I realized that many “women in tech” were doing the same thing to sex workers that they accuse men of doing to them - speaking over them, speaking for them without getting input from the people directly affected - ultimately with the goal of exclusion and control of sexuality. That the particular women I encountered in these tech organizations and fortune 500 companies were not adequate representation but were masquerading their opinions as such when it comes to excluding other women that choose other paths that men cater to. Recognizing SWERF talking points now as familiar, “sex work exclusionary radical feminism”, I don't see their exclusion as productive. I see it as a selfish way of trying to be taken seriously in corporate environments, privileging their comfort at the expense other women and everyone else, which is obvious for me not to agree with now and scrutinize. And when being “taken seriously” fails that should be a problem with the men/people that limit their corporate growth not the other women catering to carnal desires existing in the same or similar spaces.

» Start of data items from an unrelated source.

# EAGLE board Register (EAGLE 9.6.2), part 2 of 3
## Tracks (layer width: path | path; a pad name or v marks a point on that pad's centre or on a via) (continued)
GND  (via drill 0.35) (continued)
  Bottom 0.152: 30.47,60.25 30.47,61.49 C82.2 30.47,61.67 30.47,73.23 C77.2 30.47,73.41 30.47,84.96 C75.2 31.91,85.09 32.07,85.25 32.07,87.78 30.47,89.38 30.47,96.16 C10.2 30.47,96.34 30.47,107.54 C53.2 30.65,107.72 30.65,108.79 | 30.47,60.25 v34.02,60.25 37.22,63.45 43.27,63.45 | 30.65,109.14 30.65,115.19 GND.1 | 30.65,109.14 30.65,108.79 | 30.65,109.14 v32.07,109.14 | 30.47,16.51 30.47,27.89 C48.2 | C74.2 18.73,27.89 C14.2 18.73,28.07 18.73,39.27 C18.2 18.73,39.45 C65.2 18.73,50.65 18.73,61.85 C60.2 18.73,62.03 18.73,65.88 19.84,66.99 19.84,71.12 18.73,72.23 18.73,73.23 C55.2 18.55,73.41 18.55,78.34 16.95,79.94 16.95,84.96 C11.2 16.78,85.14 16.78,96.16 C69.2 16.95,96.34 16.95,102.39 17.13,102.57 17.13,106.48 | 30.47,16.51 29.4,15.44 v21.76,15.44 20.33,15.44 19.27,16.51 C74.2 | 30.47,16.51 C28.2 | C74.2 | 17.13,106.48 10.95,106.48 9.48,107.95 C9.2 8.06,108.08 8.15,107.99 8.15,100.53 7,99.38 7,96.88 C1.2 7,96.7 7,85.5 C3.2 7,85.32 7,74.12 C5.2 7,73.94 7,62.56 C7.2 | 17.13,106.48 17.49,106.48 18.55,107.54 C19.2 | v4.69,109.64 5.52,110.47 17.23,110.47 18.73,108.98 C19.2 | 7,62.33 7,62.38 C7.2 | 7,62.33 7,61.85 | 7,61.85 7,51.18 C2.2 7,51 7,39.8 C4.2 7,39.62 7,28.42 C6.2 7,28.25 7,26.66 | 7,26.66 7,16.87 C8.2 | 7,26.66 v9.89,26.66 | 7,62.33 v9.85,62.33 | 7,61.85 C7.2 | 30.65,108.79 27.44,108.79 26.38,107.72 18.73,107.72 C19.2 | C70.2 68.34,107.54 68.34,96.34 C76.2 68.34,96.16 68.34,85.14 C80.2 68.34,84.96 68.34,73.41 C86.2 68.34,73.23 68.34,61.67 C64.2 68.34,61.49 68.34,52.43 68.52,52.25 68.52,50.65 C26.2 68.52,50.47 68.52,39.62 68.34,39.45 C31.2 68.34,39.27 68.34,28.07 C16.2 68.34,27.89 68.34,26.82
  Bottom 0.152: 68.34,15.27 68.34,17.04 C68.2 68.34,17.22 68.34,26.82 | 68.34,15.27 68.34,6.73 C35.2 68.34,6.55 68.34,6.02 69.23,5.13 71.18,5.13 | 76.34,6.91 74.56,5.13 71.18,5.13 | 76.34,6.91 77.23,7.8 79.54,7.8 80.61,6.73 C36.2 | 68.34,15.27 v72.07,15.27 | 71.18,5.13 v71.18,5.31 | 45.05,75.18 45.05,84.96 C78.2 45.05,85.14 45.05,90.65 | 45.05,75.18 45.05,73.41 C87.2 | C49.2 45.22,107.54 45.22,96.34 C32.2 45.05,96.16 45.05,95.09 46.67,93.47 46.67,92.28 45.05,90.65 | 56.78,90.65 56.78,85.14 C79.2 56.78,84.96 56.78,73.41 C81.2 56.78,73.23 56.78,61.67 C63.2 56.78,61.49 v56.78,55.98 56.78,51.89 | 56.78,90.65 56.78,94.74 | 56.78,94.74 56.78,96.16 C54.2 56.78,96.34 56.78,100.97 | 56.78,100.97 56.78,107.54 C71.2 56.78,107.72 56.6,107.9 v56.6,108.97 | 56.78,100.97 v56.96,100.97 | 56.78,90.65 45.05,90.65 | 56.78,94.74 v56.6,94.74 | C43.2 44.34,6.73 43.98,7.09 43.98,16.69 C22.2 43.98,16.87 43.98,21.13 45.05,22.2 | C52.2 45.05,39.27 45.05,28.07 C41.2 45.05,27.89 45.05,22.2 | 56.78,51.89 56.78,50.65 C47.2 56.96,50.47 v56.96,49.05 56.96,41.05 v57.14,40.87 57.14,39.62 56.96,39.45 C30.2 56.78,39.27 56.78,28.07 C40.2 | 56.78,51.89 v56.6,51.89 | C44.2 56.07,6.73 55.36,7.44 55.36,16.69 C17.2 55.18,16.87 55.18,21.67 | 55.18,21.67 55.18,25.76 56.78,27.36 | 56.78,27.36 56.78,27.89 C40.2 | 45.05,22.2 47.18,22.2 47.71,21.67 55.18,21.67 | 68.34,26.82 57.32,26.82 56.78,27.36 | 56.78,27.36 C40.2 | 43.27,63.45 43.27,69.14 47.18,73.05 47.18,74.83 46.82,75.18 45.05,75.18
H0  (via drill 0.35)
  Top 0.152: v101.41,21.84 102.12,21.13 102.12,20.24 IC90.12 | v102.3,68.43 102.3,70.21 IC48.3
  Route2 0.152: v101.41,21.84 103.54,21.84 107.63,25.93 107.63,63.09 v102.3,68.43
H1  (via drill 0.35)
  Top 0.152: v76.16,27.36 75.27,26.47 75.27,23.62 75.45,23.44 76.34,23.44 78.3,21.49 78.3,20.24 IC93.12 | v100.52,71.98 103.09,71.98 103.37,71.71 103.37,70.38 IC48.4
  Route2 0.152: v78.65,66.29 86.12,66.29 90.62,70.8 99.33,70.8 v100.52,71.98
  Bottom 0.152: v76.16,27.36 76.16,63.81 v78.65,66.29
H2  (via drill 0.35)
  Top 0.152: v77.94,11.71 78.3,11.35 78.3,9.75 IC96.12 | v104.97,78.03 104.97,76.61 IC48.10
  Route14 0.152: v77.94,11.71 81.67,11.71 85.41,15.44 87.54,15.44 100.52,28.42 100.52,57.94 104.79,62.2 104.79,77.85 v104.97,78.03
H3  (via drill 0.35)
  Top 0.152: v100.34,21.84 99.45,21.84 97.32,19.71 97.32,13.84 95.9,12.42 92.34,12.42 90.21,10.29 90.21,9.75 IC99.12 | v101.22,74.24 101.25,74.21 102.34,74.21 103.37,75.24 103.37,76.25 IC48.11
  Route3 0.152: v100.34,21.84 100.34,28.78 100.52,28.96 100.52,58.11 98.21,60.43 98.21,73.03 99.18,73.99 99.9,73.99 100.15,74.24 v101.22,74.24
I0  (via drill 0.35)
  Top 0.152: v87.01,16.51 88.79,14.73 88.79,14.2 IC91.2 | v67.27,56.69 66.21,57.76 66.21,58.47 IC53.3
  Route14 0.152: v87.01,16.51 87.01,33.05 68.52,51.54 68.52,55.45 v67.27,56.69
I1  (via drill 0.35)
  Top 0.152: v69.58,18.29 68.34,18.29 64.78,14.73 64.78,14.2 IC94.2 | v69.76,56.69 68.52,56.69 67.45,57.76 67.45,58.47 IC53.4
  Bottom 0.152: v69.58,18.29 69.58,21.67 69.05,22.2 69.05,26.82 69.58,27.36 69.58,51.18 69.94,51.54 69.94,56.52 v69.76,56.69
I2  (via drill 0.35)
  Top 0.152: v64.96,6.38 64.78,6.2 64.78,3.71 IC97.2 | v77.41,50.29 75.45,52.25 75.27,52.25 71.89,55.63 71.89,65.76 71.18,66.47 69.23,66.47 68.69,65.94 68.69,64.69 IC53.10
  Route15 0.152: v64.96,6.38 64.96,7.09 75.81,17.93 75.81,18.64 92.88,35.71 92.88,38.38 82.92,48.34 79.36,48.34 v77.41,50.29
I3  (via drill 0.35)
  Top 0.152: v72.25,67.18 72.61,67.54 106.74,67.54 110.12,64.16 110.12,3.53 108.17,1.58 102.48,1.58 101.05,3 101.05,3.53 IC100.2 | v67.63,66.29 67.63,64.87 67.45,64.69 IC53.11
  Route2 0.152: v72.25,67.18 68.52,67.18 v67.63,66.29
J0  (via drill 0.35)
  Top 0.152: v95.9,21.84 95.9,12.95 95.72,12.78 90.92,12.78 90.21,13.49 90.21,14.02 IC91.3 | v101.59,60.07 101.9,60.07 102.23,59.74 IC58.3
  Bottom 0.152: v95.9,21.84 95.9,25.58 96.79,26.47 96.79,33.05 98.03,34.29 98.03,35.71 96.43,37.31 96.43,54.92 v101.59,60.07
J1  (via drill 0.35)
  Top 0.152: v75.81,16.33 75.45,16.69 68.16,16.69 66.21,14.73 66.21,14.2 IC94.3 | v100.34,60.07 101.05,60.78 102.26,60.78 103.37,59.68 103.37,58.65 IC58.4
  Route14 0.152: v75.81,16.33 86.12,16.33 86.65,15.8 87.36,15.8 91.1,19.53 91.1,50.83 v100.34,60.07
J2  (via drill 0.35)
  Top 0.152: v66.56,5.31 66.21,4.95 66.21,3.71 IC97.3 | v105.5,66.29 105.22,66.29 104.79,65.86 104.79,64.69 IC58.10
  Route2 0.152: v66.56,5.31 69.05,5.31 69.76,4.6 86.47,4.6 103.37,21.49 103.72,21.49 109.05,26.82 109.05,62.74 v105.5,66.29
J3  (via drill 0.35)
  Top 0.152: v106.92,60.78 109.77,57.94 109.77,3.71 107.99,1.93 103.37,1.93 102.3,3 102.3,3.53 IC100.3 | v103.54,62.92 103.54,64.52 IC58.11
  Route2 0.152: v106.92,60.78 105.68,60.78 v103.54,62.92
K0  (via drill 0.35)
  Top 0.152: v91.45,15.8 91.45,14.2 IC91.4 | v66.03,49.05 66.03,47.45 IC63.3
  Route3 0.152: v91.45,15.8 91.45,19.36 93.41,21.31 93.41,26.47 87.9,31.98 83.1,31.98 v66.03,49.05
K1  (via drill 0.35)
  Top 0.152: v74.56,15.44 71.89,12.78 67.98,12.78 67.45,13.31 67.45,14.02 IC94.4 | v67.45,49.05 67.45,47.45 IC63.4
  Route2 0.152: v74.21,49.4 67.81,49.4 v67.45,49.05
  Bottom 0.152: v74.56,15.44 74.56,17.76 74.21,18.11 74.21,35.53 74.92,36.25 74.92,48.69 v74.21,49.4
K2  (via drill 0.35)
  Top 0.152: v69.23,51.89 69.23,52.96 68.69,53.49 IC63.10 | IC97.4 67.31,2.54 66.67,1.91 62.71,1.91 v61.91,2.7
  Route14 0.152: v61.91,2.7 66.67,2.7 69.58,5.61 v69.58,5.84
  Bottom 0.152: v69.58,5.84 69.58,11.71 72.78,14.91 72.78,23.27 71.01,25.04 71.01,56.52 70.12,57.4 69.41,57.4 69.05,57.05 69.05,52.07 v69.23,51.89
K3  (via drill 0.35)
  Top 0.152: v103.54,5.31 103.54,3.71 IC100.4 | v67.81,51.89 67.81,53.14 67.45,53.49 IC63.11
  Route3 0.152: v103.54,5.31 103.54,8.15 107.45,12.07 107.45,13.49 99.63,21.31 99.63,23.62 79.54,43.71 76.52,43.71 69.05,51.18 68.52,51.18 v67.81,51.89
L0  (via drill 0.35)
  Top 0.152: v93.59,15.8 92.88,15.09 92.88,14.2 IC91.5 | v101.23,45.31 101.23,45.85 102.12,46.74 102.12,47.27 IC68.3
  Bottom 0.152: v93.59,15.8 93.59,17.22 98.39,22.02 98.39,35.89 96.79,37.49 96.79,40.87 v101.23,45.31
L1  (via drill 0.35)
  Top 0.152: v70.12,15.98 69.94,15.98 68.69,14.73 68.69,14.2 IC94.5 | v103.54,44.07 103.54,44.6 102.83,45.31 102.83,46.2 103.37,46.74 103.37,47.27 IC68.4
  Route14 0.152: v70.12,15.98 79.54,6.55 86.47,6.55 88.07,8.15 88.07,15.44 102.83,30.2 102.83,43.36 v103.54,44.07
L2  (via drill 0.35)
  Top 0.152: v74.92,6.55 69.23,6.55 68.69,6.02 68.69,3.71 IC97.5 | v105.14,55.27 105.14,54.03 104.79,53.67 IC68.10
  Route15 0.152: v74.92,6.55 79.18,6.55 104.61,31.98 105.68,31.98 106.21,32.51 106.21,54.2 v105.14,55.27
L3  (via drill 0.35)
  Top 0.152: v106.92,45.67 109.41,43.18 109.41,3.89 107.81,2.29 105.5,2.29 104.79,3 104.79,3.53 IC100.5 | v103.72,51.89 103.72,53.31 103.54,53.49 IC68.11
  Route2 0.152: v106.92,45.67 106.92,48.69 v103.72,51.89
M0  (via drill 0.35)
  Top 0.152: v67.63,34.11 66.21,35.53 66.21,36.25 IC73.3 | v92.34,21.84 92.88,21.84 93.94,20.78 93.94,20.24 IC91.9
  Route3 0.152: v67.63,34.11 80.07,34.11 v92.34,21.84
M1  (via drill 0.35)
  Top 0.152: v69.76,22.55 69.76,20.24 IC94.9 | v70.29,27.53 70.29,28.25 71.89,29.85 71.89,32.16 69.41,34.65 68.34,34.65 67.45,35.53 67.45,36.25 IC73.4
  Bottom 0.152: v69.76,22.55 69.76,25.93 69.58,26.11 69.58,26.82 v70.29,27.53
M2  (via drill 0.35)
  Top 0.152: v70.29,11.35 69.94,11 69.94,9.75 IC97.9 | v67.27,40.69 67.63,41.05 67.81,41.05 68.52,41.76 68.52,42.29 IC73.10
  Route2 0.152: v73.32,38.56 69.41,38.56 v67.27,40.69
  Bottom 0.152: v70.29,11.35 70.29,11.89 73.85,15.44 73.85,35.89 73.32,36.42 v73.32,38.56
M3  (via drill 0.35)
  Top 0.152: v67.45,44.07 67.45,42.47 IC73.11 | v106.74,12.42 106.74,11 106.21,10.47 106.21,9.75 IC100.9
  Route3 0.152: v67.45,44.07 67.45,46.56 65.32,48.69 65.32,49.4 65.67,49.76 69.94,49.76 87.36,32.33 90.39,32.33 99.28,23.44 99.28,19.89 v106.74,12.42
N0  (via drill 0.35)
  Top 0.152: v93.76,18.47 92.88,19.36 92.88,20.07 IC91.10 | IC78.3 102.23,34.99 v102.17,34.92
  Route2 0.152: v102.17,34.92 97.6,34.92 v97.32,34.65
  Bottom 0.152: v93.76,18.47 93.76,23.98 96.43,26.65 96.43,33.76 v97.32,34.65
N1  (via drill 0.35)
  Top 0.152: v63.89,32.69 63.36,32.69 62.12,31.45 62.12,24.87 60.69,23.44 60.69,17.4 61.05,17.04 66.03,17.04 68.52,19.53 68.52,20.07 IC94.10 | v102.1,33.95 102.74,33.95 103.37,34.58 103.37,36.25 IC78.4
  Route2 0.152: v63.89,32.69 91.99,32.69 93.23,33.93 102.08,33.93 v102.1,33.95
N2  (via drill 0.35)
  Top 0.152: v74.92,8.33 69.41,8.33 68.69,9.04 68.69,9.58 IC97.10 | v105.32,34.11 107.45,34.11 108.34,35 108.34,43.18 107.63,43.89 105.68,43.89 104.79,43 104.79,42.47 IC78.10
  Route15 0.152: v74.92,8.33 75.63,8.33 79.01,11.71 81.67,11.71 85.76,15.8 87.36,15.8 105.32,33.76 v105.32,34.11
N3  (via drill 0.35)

I don't support any policy based on exclusion or “ending demand”. I’m skeptical of any policy that simply makes people feel good because of its ostensible point of curbing sex trafficking. The existing labor trafficking policies make sense and have their own room for improvement. So I can get behind the goals to normalize it at parity to other jobs. I don't see it as needing to be someone’s whole identity like activists seem to require. I don't see it as inconsequential. But definitely more akin to fast food workers.